- Pitcher
- Born: January 3, 1979 Maracay, Venezuela
- Died: December 29, 2011 (aged 32) Aragua, Venezuela
- Batted: RightThrew: Right

MLB debut
- April 19, 2003, for the Texas Rangers

Last MLB appearance
- August 8, 2004, for the Texas Rangers

MLB statistics
- Win–loss record: 1–2
- Earned run average: 5.94
- Strikeouts: 30
- Stats at Baseball Reference

Teams
- Texas Rangers (2003–2004);

= Rosman García =

Venezuelan baseball player (1979-2011)

Rosman José García (January 3, 1979 - December 29, 2011) was a Venezuelan professional baseball relief pitcher who played in Major League Baseball (MLB) from 2003 through 2004 for the Texas Rangers. Listed at 6' 2", 215 lb., he batted and threw right handed.
==Career==
In part of two seasons, García posted a 1–2 record with 30 strikeouts and a 5.94 ERA in 53 innings pitched.

On June 16, 1999, García became the first starting pitcher in Staten Island Yankees history. In 2008, he pitched for the Mexico City Red Devils of the Mexican League. In 14 starts, he was 4–5 with a 5.15 ERA and 44 strikeouts.
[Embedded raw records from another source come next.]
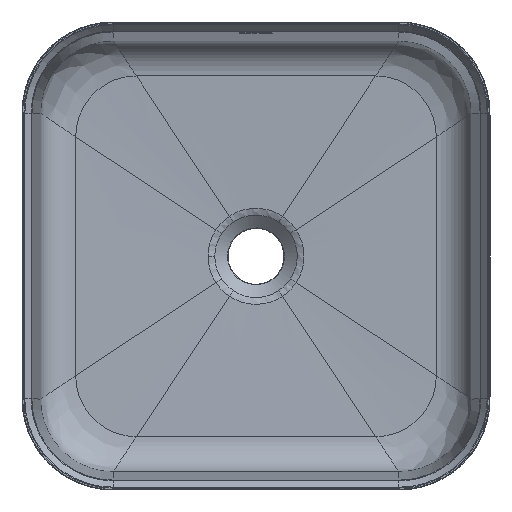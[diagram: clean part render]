
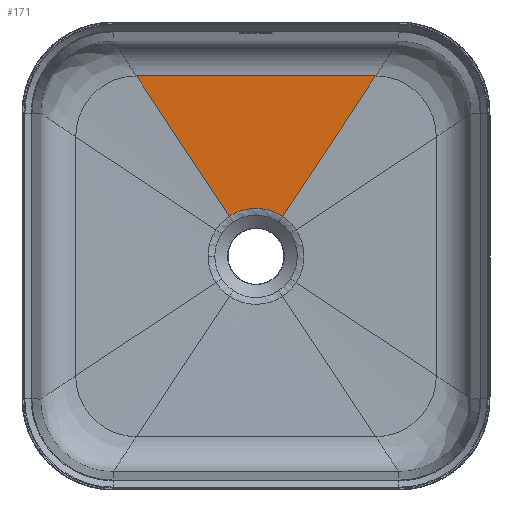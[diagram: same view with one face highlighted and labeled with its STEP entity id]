
A CAD part, top view. The second image highlights one B-rep face of the part: STEP entity #171.
In plain terms, the highlighted free-form (B-spline) face has degree [3, 3] with [9, 6] control points.
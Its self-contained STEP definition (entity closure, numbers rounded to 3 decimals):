
#171=ADVANCED_FACE('',(#488),#4600,.T.);
#488=FACE_OUTER_BOUND('',#805,.T.);
#805=EDGE_LOOP('',(#1617,#1618,#1619,#1620));
#1617=ORIENTED_EDGE('',*,*,#2702,.F.);
#1618=ORIENTED_EDGE('',*,*,#2676,.T.);
#1619=ORIENTED_EDGE('',*,*,#2703,.F.);
#1620=ORIENTED_EDGE('',*,*,#2704,.F.);
#2676=EDGE_CURVE('',#4116,#4115,#3194,.T.);
#2702=EDGE_CURVE('',#4116,#4132,#3583,.T.);
#2703=EDGE_CURVE('',#4133,#4115,#3584,.T.);
#2704=EDGE_CURVE('',#4132,#4133,#3209,.T.);
#3194=(
BOUNDED_CURVE()
B_SPLINE_CURVE(1,(#189133,#189134),.UNSPECIFIED.,.F.,.F.)
B_SPLINE_CURVE_WITH_KNOTS((2,2),(19.152,215.848),
 .UNSPECIFIED.)
CURVE()
GEOMETRIC_REPRESENTATION_ITEM()
RATIONAL_B_SPLINE_CURVE((1.,1.))
REPRESENTATION_ITEM('')
);
#3209=(
BOUNDED_CURVE()
B_SPLINE_CURVE(3,(#189351,#189352,#189353,#189354,#189355,#189356,#189357),
 .UNSPECIFIED.,.F.,.F.)
B_SPLINE_CURVE_WITH_KNOTS((4,1,1,1,4),(0.014,11.65,
23.286,34.922,46.559),.UNSPECIFIED.)
CURVE()
GEOMETRIC_REPRESENTATION_ITEM()
RATIONAL_B_SPLINE_CURVE((1.,1.,1.,1.,1.,1.,
1.))
REPRESENTATION_ITEM('')
);
#3583=B_SPLINE_CURVE_WITH_KNOTS('',3,(#189339,#189340,#189341,#189342,#189343,
#189344),.UNSPECIFIED.,.F.,.F.,(4,1,1,4),(0.,47.242,94.484,
138.521),.UNSPECIFIED.);
#3584=B_SPLINE_CURVE_WITH_KNOTS('',3,(#189345,#189346,#189347,#189348,#189349,
#189350),.UNSPECIFIED.,.F.,.F.,(4,1,1,4),(-138.521,-94.484,
-47.242,0.),.UNSPECIFIED.);
#4115=VERTEX_POINT('',#168269);
#4116=VERTEX_POINT('',#168270);
#4132=VERTEX_POINT('',#168286);
#4133=VERTEX_POINT('',#168287);
#4600=B_SPLINE_SURFACE_WITH_KNOTS('',3,3,((#163651,#163652,#163653,#163654,
#163655,#163656),(#163657,#163658,#163659,#163660,#163661,#163662),(#163663,
#163664,#163665,#163666,#163667,#163668),(#163669,#163670,#163671,#163672,
#163673,#163674),(#163675,#163676,#163677,#163678,#163679,#163680),(#163681,
#163682,#163683,#163684,#163685,#163686),(#163687,#163688,#163689,#163690,
#163691,#163692),(#163693,#163694,#163695,#163696,#163697,#163698),(#163699,
#163700,#163701,#163702,#163703,#163704)),.UNSPECIFIED.,.F.,.F.,.F.,(4,
1,1,1,1,1,4),(4,1,1,4),(0.,17.586,35.172,52.758,
70.344,87.93,105.516),(0.,47.242,
94.484,141.726),.UNSPECIFIED.);
#163651=CARTESIAN_POINT('',(18780.755,148.324,-7523.146));
#163652=CARTESIAN_POINT('',(18772.056,135.205,-7523.581));
#163653=CARTESIAN_POINT('',(18754.658,108.966,-7524.45));
#163654=CARTESIAN_POINT('',(18728.562,69.608,-7525.754));
#163655=CARTESIAN_POINT('',(18711.164,43.369,-7526.623));
#163656=CARTESIAN_POINT('',(18702.465,30.25,-7527.058));
#163657=CARTESIAN_POINT('',(18769.828,148.324,-7523.146));
#163658=CARTESIAN_POINT('',(18762.125,135.35,-7523.581));
#163659=CARTESIAN_POINT('',(18746.719,109.4,-7524.45));
#163660=CARTESIAN_POINT('',(18723.609,70.476,-7525.754));
#163661=CARTESIAN_POINT('',(18708.203,44.527,-7526.623));
#163662=CARTESIAN_POINT('',(18700.5,31.552,-7527.058));
#163663=CARTESIAN_POINT('',(18747.973,148.324,-7523.146));
#163664=CARTESIAN_POINT('',(18742.232,135.597,-7523.581));
#163665=CARTESIAN_POINT('',(18730.75,110.143,-7524.45));
#163666=CARTESIAN_POINT('',(18713.528,71.961,-7525.754));
#163667=CARTESIAN_POINT('',(18702.047,46.507,-7526.623));
#163668=CARTESIAN_POINT('',(18696.306,33.779,-7527.058));
#163669=CARTESIAN_POINT('',(18715.19,148.324,-7523.146));
#163670=CARTESIAN_POINT('',(18712.335,135.825,-7523.581));
#163671=CARTESIAN_POINT('',(18706.624,110.827,-7524.45));
#163672=CARTESIAN_POINT('',(18698.057,73.33,-7525.754));
#163673=CARTESIAN_POINT('',(18692.346,48.332,-7526.623));
#163674=CARTESIAN_POINT('',(18689.491,35.833,-7527.058));
#163675=CARTESIAN_POINT('',(18682.408,148.324,-7523.146));
#163676=CARTESIAN_POINT('',(18682.408,135.902,-7523.581));
#163677=CARTESIAN_POINT('',(18682.408,111.058,-7524.45));
#163678=CARTESIAN_POINT('',(18682.408,73.793,-7525.754));
#163679=CARTESIAN_POINT('',(18682.408,48.949,-7526.623));
#163680=CARTESIAN_POINT('',(18682.408,36.527,-7527.058));
#163681=CARTESIAN_POINT('',(18649.625,148.324,-7523.146));
#163682=CARTESIAN_POINT('',(18652.48,135.825,-7523.581));
#163683=CARTESIAN_POINT('',(18658.191,110.827,-7524.45));
#163684=CARTESIAN_POINT('',(18666.757,73.33,-7525.754));
#163685=CARTESIAN_POINT('',(18672.468,48.332,-7526.623));
#163686=CARTESIAN_POINT('',(18675.323,35.833,-7527.058));
#163687=CARTESIAN_POINT('',(18616.842,148.324,-7523.146));
#163688=CARTESIAN_POINT('',(18622.583,135.597,-7523.581));
#163689=CARTESIAN_POINT('',(18634.064,110.142,-7524.45));
#163690=CARTESIAN_POINT('',(18651.286,71.961,-7525.754));
#163691=CARTESIAN_POINT('',(18662.767,46.506,-7526.623));
#163692=CARTESIAN_POINT('',(18668.507,33.779,-7527.058));
#163693=CARTESIAN_POINT('',(18594.987,148.324,-7523.146));
#163694=CARTESIAN_POINT('',(18602.69,135.35,-7523.581));
#163695=CARTESIAN_POINT('',(18618.096,109.4,-7524.45));
#163696=CARTESIAN_POINT('',(18641.205,70.476,-7525.754));
#163697=CARTESIAN_POINT('',(18656.611,44.527,-7526.623));
#163698=CARTESIAN_POINT('',(18664.314,31.552,-7527.058));
#163699=CARTESIAN_POINT('',(18584.06,148.324,-7523.146));
#163700=CARTESIAN_POINT('',(18592.759,135.205,-7523.581));
#163701=CARTESIAN_POINT('',(18610.157,108.966,-7524.45));
#163702=CARTESIAN_POINT('',(18636.253,69.608,-7525.754));
#163703=CARTESIAN_POINT('',(18653.651,43.369,-7526.623));
#163704=CARTESIAN_POINT('',(18662.35,30.25,-7527.058));
#168269=CARTESIAN_POINT('',(18584.06,148.324,-7523.146));
#168270=CARTESIAN_POINT('',(18780.755,148.324,-7523.146));
#168286=CARTESIAN_POINT('',(18704.236,32.92,-7526.97));
#168287=CARTESIAN_POINT('',(18660.579,32.92,-7526.97));
#189133=CARTESIAN_POINT('',(18780.755,148.324,-7523.146));
#189134=CARTESIAN_POINT('',(18584.06,148.324,-7523.146));
#189339=CARTESIAN_POINT('',(18780.755,148.324,-7523.146));
#189340=CARTESIAN_POINT('',(18772.056,135.205,-7523.581));
#189341=CARTESIAN_POINT('',(18754.658,108.966,-7524.45));
#189342=CARTESIAN_POINT('',(18729.152,70.498,-7525.725));
#189343=CARTESIAN_POINT('',(18712.344,45.15,-7526.564));
#189344=CARTESIAN_POINT('',(18704.236,32.92,-7526.97));
#189345=CARTESIAN_POINT('',(18660.579,32.92,-7526.97));
#189346=CARTESIAN_POINT('',(18652.471,45.15,-7526.564));
#189347=CARTESIAN_POINT('',(18635.663,70.498,-7525.725));
#189348=CARTESIAN_POINT('',(18610.157,108.966,-7524.45));
#189349=CARTESIAN_POINT('',(18592.759,135.205,-7523.581));
#189350=CARTESIAN_POINT('',(18584.06,148.324,-7523.146));
#189351=CARTESIAN_POINT('',(18704.236,32.92,-7526.97));
#189352=CARTESIAN_POINT('',(18701.019,35.043,-7526.964));
#189353=CARTESIAN_POINT('',(18693.962,38.334,-7526.953));
#189354=CARTESIAN_POINT('',(18682.408,40.025,-7526.945));
#189355=CARTESIAN_POINT('',(18670.853,38.334,-7526.953));
#189356=CARTESIAN_POINT('',(18663.796,35.043,-7526.964));
#189357=CARTESIAN_POINT('',(18660.579,32.92,-7526.97));

Originally, García debuted at age 18 with the Tigres de Aragua of the Venezuelan Professional Baseball League during the 1997–1998 season. In 2011–12, he became the pitcher to play the most consecutive seasons for the Tigres, with 14.
==Death==
García died in a car accident in 2011 in the km 24 of the Autopista Regional del Centro located in the Miranda State, five days short of his 33rd birthday.